(Recorded data Opens)

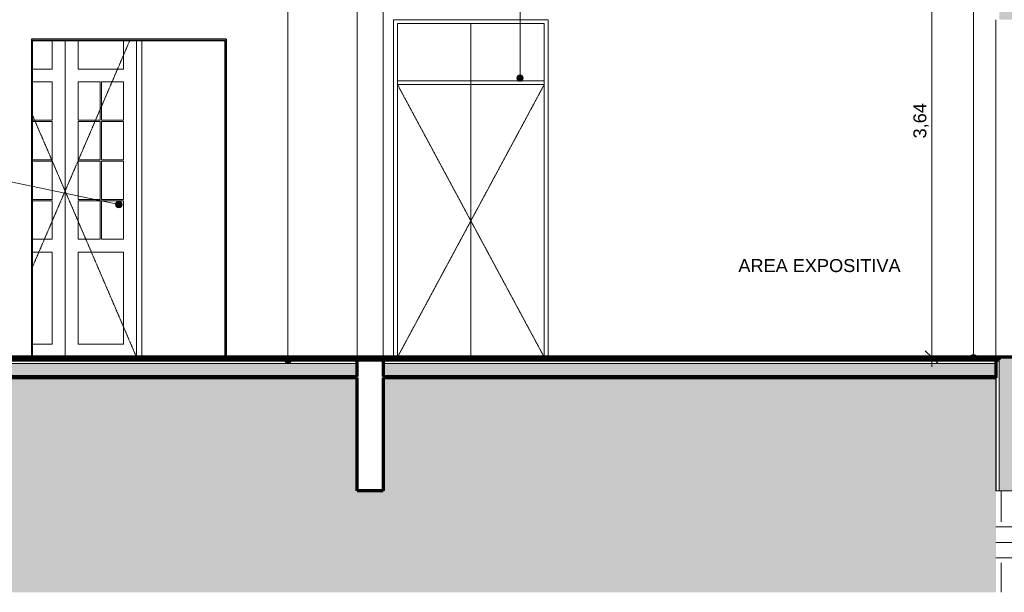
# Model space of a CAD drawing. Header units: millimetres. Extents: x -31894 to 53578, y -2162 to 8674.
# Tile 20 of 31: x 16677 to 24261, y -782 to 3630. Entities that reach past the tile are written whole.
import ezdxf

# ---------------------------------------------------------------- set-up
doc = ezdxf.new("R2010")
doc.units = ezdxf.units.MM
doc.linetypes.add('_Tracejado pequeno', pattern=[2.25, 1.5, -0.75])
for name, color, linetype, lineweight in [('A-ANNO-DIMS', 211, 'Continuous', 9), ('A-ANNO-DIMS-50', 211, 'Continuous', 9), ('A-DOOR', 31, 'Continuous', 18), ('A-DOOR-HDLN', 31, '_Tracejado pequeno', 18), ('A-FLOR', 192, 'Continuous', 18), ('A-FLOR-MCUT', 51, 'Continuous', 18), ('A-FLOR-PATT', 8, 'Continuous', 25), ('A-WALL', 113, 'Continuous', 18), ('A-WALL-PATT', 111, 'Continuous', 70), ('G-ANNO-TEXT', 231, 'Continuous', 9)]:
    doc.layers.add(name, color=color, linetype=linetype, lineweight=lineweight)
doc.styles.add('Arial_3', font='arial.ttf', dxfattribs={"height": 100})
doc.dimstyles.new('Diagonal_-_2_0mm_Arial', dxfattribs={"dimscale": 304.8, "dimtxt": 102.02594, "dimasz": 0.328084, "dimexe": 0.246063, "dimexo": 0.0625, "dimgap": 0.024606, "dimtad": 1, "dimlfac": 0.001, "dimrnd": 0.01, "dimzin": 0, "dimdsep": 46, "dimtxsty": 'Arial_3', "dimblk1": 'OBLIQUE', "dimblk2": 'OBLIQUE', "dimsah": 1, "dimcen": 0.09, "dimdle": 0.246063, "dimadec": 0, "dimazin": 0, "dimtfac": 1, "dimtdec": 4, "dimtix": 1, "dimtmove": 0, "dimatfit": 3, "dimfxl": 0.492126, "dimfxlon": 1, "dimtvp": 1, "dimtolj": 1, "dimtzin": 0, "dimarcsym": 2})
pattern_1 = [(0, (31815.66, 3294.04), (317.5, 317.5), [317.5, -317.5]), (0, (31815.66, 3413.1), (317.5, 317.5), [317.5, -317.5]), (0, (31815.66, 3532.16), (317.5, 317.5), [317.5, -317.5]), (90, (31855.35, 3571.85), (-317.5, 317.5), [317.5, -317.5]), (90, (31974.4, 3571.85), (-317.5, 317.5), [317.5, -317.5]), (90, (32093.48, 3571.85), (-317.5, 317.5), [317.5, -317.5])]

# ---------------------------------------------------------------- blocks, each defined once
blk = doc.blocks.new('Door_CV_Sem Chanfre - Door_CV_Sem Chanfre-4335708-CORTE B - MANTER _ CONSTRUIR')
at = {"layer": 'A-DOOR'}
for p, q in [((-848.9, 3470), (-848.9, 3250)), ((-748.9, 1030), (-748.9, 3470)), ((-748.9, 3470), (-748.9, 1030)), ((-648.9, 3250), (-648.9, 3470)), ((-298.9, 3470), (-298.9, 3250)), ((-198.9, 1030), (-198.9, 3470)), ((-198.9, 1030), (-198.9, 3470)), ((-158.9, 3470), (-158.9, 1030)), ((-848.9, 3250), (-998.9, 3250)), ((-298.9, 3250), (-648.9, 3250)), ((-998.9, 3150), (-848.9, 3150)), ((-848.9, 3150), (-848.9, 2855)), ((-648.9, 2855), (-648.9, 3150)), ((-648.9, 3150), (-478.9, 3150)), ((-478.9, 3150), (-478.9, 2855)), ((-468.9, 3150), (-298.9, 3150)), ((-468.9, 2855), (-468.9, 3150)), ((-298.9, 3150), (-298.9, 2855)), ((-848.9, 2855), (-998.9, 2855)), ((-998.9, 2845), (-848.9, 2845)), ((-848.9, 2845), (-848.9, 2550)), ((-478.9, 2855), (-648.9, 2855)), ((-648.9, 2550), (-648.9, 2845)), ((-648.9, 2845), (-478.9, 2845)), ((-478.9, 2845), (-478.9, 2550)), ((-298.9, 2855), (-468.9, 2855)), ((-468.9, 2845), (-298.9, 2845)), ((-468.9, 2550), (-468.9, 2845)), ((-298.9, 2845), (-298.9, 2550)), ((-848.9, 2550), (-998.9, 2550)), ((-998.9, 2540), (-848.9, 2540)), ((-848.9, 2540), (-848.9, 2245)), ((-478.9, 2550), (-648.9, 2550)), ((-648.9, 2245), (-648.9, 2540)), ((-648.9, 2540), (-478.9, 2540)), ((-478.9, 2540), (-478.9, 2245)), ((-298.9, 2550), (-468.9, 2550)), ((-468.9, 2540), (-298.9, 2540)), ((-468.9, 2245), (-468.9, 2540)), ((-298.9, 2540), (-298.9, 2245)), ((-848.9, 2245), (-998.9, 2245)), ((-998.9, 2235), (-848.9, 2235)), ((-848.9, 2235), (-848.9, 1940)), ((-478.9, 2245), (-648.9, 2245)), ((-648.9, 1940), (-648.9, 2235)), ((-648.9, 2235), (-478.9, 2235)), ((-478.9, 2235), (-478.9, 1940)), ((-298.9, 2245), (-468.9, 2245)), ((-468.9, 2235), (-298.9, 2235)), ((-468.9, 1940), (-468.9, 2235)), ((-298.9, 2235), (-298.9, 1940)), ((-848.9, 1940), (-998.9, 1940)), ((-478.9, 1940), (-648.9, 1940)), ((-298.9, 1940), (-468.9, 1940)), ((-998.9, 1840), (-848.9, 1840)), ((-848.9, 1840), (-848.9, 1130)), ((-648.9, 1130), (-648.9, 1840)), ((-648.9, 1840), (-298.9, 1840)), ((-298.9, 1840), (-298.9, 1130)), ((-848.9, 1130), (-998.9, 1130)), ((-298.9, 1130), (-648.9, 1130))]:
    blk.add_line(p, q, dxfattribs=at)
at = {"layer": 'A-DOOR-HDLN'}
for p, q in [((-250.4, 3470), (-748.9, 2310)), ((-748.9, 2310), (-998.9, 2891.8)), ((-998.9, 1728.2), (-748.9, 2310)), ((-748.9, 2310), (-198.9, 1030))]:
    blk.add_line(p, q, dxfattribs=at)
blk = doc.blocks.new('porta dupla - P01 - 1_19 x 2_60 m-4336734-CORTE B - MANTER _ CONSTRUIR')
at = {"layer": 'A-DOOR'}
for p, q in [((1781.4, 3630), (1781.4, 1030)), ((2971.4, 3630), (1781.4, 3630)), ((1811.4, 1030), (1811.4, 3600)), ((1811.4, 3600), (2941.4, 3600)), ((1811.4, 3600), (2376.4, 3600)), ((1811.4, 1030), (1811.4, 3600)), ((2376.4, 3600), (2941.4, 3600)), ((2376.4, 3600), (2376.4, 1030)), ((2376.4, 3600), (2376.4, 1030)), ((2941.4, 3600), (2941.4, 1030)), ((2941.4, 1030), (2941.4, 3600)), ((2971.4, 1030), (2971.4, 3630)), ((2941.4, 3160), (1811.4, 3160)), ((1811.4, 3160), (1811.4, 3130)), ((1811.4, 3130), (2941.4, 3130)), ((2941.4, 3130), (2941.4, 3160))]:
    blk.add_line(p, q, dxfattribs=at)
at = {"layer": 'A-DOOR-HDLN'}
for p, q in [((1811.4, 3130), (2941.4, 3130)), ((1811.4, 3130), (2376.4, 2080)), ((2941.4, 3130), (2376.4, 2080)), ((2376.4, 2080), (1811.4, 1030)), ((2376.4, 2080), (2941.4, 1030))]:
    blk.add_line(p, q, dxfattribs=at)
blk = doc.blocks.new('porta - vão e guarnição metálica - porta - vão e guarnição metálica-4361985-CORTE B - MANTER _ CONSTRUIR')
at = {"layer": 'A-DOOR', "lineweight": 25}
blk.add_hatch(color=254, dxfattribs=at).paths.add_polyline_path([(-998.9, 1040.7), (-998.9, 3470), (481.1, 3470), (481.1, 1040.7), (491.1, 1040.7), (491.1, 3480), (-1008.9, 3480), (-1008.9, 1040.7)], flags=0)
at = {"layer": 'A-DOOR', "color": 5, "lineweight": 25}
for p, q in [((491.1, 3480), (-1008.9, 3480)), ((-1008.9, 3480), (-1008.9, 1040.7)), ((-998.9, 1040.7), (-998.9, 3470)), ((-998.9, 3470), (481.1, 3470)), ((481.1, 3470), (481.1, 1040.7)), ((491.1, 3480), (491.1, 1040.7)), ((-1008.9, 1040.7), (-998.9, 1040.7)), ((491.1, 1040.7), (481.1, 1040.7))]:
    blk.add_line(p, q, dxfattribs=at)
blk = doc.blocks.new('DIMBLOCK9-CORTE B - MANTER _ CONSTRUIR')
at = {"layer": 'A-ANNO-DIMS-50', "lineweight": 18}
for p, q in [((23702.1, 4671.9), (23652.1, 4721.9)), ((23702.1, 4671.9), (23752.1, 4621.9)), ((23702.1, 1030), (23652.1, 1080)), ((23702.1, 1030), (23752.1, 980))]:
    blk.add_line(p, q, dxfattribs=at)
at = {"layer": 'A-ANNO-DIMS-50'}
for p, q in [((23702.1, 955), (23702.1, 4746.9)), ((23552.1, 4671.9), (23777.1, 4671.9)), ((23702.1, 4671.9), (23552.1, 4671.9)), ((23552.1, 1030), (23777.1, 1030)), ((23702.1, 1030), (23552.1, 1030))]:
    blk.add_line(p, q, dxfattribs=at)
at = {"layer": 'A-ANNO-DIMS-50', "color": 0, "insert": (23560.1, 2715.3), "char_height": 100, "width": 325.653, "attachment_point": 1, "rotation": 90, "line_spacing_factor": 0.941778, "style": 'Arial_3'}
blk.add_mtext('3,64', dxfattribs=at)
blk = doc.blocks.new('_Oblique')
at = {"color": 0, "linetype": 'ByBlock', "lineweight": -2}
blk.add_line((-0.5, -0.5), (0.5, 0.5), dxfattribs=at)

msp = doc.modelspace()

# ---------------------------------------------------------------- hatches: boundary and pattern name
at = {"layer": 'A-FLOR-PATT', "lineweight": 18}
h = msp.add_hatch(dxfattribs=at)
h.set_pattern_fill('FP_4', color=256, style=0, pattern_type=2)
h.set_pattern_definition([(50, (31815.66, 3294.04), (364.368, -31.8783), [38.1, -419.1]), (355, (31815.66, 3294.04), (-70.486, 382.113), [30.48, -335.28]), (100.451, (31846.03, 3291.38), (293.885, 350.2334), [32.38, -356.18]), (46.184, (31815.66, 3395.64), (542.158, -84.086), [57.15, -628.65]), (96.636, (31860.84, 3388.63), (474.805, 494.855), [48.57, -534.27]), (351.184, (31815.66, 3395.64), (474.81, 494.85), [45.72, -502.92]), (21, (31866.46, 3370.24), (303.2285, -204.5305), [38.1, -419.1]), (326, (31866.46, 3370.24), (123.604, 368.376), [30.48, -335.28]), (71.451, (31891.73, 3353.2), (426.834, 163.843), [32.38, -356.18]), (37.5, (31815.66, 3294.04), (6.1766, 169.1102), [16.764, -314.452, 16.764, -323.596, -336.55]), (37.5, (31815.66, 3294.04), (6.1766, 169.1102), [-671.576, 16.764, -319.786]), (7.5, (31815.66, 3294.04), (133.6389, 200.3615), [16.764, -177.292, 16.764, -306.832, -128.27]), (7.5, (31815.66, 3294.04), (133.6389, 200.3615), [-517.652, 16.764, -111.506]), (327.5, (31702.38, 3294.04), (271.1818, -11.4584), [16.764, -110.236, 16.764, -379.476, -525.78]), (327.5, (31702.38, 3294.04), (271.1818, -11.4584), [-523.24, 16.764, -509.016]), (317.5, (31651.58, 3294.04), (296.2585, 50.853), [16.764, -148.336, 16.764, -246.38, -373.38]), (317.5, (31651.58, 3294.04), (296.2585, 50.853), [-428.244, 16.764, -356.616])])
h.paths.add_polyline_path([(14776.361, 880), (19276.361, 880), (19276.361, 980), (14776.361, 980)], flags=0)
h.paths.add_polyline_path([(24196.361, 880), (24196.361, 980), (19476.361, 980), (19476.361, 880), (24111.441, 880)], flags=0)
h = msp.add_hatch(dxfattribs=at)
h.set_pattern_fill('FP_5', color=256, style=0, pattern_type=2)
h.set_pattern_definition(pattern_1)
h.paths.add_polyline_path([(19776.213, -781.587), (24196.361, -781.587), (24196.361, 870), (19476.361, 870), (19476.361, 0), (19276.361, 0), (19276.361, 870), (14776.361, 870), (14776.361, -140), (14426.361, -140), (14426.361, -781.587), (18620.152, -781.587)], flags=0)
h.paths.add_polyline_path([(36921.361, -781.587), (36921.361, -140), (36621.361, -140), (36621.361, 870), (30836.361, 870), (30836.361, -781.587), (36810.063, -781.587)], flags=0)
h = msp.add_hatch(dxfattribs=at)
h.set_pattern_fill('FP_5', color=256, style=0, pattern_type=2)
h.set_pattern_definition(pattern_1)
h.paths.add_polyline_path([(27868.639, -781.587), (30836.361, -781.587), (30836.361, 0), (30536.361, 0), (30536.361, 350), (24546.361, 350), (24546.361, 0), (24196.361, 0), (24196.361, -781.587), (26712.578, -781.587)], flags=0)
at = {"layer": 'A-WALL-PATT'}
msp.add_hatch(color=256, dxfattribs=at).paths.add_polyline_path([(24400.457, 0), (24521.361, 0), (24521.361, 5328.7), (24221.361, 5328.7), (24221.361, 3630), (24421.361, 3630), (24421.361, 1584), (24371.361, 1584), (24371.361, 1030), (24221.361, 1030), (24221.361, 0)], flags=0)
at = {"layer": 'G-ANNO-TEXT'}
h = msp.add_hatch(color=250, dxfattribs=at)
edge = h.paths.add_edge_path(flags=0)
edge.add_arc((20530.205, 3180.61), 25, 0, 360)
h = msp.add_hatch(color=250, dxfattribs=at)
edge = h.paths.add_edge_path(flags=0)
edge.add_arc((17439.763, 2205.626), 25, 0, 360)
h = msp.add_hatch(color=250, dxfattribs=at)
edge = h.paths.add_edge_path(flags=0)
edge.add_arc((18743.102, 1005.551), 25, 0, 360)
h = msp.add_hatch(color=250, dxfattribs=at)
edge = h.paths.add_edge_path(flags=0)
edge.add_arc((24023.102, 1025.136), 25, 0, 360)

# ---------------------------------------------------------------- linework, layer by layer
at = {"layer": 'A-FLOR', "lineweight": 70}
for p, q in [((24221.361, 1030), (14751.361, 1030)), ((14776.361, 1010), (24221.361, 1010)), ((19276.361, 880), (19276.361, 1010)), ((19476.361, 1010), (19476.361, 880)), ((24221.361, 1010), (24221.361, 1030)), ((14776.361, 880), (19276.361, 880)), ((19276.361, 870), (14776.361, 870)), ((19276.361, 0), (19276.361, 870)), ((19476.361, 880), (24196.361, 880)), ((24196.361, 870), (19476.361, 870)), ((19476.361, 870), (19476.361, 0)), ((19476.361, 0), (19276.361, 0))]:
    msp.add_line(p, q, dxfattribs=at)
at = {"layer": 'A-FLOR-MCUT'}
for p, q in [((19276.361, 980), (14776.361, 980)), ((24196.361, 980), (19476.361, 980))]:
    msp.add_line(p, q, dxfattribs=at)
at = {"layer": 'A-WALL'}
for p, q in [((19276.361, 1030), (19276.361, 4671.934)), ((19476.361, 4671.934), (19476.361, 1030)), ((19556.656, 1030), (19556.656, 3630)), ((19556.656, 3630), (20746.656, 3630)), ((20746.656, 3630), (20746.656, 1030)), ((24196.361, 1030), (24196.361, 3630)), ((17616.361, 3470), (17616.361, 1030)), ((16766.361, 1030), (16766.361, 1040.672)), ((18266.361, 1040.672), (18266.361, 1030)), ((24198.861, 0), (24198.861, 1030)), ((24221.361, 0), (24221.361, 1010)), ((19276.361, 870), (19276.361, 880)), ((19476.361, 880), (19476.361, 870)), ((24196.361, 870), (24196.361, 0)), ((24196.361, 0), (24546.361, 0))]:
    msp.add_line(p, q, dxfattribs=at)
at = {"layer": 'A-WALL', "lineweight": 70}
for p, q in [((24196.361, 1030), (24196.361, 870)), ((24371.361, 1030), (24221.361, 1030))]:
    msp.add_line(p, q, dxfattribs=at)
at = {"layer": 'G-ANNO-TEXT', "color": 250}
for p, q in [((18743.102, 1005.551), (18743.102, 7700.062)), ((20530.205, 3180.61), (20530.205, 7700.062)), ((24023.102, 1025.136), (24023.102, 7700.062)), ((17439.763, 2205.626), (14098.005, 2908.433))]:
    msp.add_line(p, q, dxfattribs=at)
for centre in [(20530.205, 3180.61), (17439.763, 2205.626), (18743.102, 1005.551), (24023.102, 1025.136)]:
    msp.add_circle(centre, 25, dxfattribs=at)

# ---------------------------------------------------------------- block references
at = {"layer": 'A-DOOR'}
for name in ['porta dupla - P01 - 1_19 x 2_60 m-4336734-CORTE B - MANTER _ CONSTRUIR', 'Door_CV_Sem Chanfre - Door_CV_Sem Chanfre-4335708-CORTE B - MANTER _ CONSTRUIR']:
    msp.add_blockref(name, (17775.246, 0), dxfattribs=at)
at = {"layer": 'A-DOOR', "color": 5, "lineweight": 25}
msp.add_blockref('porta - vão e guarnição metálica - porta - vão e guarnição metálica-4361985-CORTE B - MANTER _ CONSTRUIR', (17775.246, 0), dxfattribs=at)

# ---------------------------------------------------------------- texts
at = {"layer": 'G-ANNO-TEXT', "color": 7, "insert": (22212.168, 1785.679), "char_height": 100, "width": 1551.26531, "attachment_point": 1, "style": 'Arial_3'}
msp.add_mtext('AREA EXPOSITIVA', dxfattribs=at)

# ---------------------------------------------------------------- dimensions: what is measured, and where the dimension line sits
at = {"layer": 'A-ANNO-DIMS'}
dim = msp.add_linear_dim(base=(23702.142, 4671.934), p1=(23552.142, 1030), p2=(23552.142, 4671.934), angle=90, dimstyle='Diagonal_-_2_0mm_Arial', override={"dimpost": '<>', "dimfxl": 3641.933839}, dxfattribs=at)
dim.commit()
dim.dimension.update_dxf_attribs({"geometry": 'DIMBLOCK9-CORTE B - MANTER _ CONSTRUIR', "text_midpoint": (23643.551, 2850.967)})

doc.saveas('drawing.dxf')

(Recorded data Closes)

What needs to be done :: Give again, word for word, every line from the top of the data above to the line holding "pattern=[2.25, 1.5, -0.75])", inclusive, with the pictures left out.

Response for this exercise ::
# Model space of a CAD drawing. Header units: millimetres. Extents: x -31894 to 53578, y -2162 to 8674.
# Tile 20 of 31: x 16677 to 24261, y -782 to 3630. Entities that reach past the tile are written whole.
import ezdxf

# ---------------------------------------------------------------- set-up
doc = ezdxf.new("R2010")
doc.units = ezdxf.units.MM
doc.linetypes.add('_Tracejado pequeno', pattern=[2.25, 1.5, -0.75])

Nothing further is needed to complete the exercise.